Source data
_____

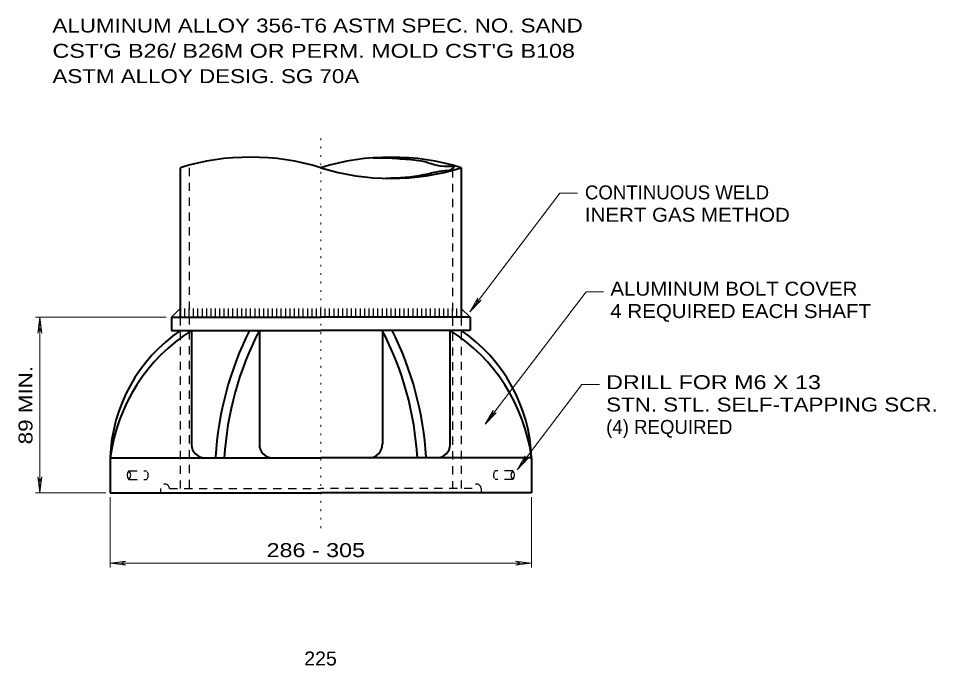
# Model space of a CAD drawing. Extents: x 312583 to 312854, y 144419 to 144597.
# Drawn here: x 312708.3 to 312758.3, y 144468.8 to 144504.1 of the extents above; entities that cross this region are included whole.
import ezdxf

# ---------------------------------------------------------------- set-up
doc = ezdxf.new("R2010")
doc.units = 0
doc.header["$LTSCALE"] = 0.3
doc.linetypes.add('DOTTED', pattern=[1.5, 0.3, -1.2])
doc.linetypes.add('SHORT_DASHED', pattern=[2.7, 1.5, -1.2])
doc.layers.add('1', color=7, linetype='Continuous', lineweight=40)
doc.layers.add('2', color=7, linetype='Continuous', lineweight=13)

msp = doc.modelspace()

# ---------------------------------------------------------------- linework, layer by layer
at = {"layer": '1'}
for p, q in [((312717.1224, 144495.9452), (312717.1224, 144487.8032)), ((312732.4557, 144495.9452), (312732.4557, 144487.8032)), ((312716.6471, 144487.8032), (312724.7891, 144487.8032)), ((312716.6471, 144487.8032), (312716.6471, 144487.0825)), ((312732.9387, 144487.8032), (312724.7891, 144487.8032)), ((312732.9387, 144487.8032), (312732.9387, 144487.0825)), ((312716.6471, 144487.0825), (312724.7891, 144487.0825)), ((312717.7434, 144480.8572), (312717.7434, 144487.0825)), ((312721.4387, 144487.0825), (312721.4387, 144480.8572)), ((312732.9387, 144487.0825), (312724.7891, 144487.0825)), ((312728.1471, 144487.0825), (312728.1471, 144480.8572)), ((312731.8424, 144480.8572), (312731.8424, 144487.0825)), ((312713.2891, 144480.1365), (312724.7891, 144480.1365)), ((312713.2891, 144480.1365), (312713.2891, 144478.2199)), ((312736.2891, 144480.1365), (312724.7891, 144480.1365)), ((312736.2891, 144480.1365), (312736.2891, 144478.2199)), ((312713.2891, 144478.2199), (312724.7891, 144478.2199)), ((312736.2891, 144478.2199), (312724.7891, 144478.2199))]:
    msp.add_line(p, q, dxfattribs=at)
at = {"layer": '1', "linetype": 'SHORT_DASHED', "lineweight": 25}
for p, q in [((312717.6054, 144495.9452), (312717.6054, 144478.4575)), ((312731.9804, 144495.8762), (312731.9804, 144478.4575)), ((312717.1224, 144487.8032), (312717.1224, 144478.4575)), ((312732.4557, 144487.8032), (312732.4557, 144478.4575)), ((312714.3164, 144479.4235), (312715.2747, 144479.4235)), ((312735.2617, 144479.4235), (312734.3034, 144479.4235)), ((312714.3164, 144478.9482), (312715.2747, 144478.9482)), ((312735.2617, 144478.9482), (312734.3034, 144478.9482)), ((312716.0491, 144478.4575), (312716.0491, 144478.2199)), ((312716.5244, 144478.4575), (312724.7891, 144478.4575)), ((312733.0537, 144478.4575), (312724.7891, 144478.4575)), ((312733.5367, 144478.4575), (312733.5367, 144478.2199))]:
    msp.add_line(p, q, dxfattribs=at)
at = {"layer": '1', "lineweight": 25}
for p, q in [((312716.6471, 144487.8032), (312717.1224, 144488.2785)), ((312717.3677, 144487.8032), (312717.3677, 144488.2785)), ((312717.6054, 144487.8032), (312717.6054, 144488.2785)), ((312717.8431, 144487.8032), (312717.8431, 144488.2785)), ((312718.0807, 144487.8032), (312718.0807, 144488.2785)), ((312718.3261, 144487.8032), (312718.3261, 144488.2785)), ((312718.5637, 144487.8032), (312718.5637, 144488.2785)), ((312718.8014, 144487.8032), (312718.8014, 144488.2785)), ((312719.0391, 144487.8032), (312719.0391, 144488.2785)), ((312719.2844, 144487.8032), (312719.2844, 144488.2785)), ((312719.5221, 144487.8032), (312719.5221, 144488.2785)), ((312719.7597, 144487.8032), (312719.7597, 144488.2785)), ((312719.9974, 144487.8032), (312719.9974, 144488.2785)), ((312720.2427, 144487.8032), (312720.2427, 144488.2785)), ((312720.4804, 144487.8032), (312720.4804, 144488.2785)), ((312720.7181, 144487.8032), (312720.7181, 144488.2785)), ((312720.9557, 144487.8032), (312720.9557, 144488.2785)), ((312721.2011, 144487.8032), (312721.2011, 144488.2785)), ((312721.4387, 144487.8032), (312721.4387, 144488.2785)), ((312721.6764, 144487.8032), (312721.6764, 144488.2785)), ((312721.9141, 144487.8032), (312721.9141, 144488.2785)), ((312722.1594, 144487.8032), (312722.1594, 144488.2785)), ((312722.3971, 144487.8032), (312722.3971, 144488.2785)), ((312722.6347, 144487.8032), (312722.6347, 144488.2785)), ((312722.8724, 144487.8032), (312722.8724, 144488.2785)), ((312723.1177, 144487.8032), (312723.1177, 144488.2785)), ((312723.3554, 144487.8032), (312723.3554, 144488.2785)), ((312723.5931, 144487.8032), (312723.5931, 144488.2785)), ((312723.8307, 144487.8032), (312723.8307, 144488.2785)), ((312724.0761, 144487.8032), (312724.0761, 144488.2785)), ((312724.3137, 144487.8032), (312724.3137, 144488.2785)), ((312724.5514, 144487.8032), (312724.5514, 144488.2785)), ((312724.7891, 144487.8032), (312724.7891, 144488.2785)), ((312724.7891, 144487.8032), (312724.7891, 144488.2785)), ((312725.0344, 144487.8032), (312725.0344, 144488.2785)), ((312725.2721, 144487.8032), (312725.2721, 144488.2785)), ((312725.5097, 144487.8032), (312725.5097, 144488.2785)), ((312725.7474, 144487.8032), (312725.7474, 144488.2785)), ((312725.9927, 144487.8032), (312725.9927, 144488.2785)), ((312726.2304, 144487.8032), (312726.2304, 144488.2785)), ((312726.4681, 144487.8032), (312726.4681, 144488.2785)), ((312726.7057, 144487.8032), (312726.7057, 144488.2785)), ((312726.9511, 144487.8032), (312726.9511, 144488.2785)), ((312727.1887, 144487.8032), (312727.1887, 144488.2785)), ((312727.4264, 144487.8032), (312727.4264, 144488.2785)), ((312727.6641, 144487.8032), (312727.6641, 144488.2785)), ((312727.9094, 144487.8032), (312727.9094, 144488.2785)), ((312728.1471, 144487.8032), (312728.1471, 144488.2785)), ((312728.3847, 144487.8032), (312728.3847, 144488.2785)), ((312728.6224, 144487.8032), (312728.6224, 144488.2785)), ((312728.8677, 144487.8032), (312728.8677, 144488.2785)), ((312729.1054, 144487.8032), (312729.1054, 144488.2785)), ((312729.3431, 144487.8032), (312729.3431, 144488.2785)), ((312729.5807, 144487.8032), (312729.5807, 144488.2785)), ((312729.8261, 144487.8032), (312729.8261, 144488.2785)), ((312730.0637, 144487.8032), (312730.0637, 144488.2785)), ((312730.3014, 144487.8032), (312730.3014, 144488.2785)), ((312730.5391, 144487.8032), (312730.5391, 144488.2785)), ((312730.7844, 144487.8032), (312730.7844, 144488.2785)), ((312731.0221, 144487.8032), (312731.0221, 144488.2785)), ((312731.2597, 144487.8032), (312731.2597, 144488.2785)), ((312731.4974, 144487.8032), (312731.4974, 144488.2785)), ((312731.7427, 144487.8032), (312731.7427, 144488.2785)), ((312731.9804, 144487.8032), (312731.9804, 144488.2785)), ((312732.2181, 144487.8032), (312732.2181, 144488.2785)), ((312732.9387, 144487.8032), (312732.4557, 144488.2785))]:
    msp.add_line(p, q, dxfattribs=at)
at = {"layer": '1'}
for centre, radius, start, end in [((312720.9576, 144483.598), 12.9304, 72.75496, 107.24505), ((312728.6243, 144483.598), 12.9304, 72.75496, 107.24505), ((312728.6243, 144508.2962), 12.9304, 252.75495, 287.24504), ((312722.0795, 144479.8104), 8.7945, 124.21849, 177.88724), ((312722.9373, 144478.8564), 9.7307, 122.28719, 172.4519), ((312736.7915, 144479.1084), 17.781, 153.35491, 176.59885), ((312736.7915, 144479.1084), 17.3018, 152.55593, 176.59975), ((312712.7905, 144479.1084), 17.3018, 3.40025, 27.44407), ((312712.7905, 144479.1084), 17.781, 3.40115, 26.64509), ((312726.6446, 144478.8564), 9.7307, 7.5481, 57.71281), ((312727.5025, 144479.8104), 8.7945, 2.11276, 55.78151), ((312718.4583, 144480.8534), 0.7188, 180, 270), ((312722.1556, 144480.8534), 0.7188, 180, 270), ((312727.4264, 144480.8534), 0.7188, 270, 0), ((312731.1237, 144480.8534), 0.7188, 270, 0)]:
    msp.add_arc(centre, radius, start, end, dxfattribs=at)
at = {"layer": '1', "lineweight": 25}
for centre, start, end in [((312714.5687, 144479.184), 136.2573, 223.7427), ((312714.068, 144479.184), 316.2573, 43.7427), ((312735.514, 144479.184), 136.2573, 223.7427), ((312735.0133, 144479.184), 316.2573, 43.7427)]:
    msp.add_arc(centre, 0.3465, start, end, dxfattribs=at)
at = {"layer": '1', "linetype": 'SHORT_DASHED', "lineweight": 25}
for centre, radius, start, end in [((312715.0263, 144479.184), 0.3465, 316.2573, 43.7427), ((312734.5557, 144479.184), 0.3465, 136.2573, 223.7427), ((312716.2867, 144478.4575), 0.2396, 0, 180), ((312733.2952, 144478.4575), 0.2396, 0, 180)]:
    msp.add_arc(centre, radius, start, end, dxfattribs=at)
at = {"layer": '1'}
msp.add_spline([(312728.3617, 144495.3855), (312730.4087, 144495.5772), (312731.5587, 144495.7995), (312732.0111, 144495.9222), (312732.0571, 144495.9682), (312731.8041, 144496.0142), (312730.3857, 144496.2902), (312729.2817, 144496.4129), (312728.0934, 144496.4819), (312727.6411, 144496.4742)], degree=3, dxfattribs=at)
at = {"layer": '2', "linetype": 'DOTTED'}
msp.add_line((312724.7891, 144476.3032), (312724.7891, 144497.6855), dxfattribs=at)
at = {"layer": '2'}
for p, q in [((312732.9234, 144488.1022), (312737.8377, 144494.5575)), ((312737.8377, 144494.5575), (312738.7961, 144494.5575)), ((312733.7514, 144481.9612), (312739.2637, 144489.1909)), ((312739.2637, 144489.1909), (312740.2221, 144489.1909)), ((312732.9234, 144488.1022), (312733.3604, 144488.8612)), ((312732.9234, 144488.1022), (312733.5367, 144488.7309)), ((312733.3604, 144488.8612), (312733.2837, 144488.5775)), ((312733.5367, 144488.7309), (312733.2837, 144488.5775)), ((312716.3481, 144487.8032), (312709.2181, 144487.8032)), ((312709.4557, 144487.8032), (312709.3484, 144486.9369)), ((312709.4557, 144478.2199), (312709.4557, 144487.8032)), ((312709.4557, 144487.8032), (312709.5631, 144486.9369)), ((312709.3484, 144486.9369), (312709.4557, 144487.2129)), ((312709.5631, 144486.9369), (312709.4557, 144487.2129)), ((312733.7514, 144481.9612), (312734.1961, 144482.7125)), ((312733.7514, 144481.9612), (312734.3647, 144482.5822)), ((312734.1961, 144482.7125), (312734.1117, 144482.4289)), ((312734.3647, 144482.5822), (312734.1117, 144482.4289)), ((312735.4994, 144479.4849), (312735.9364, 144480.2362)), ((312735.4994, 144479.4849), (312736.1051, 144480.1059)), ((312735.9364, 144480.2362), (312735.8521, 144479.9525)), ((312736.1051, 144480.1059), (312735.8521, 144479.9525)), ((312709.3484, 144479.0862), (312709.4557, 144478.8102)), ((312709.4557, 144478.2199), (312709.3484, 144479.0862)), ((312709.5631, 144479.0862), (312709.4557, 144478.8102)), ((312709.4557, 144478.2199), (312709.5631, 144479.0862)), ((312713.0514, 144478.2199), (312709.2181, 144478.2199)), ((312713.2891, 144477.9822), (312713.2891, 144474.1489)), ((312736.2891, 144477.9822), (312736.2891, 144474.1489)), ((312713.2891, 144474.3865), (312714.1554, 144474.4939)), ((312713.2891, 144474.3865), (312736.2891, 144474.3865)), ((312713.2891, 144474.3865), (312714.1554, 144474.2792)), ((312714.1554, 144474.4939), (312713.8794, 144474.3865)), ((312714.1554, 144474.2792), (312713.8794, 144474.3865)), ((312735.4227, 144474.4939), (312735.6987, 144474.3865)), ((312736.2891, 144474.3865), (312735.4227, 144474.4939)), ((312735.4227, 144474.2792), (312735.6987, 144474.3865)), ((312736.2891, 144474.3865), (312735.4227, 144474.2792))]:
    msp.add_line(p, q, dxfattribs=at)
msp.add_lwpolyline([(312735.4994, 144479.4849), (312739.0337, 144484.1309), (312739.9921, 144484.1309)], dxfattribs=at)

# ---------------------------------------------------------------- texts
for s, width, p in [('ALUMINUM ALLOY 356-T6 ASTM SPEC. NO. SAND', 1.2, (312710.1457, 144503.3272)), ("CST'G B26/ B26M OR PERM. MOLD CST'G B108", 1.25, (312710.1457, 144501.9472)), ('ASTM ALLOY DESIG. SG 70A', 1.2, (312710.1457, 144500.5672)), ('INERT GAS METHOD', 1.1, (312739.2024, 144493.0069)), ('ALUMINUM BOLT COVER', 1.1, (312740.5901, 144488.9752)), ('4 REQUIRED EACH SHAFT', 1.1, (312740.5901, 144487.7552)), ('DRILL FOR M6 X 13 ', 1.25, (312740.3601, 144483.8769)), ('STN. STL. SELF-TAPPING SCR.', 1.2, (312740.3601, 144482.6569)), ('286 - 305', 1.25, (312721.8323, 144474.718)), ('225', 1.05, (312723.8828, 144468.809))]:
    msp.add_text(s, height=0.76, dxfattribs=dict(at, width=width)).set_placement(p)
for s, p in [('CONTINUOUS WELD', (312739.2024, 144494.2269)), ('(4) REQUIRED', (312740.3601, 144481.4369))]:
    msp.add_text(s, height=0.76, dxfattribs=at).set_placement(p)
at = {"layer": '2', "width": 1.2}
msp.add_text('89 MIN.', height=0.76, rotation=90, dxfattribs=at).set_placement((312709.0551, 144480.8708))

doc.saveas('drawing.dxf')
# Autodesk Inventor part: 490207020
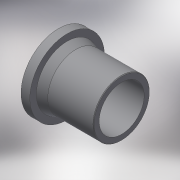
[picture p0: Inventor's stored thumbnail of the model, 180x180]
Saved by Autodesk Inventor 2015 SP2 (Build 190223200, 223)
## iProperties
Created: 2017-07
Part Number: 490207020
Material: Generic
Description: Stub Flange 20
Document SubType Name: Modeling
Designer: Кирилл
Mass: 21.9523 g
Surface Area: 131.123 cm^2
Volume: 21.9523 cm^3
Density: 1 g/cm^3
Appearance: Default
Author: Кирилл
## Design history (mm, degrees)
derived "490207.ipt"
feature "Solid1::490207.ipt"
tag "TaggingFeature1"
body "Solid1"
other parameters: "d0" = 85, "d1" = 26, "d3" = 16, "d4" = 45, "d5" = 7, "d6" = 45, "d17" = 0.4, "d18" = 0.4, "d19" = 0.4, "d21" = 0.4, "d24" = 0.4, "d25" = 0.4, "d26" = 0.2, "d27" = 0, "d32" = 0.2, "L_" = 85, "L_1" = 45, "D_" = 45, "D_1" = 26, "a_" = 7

_____

Exact copies of the line containing "Volume: 21.9523 cm^3" and of every line after it through the end of the entries are all that should be output.

_ANSWER AREA_
Volume: 21.9523 cm^3
Density: 1 g/cm^3
Appearance: Default
Author: Кирилл
## Design history (mm, degrees)
derived "490207.ipt"
feature "Solid1::490207.ipt"
tag "TaggingFeature1"
body "Solid1"
other parameters: "d0" = 85, "d1" = 26, "d3" = 16, "d4" = 45, "d5" = 7, "d6" = 45, "d17" = 0.4, "d18" = 0.4, "d19" = 0.4, "d21" = 0.4, "d24" = 0.4, "d25" = 0.4, "d26" = 0.2, "d27" = 0, "d32" = 0.2, "L_" = 85, "L_1" = 45, "D_" = 45, "D_1" = 26, "a_" = 7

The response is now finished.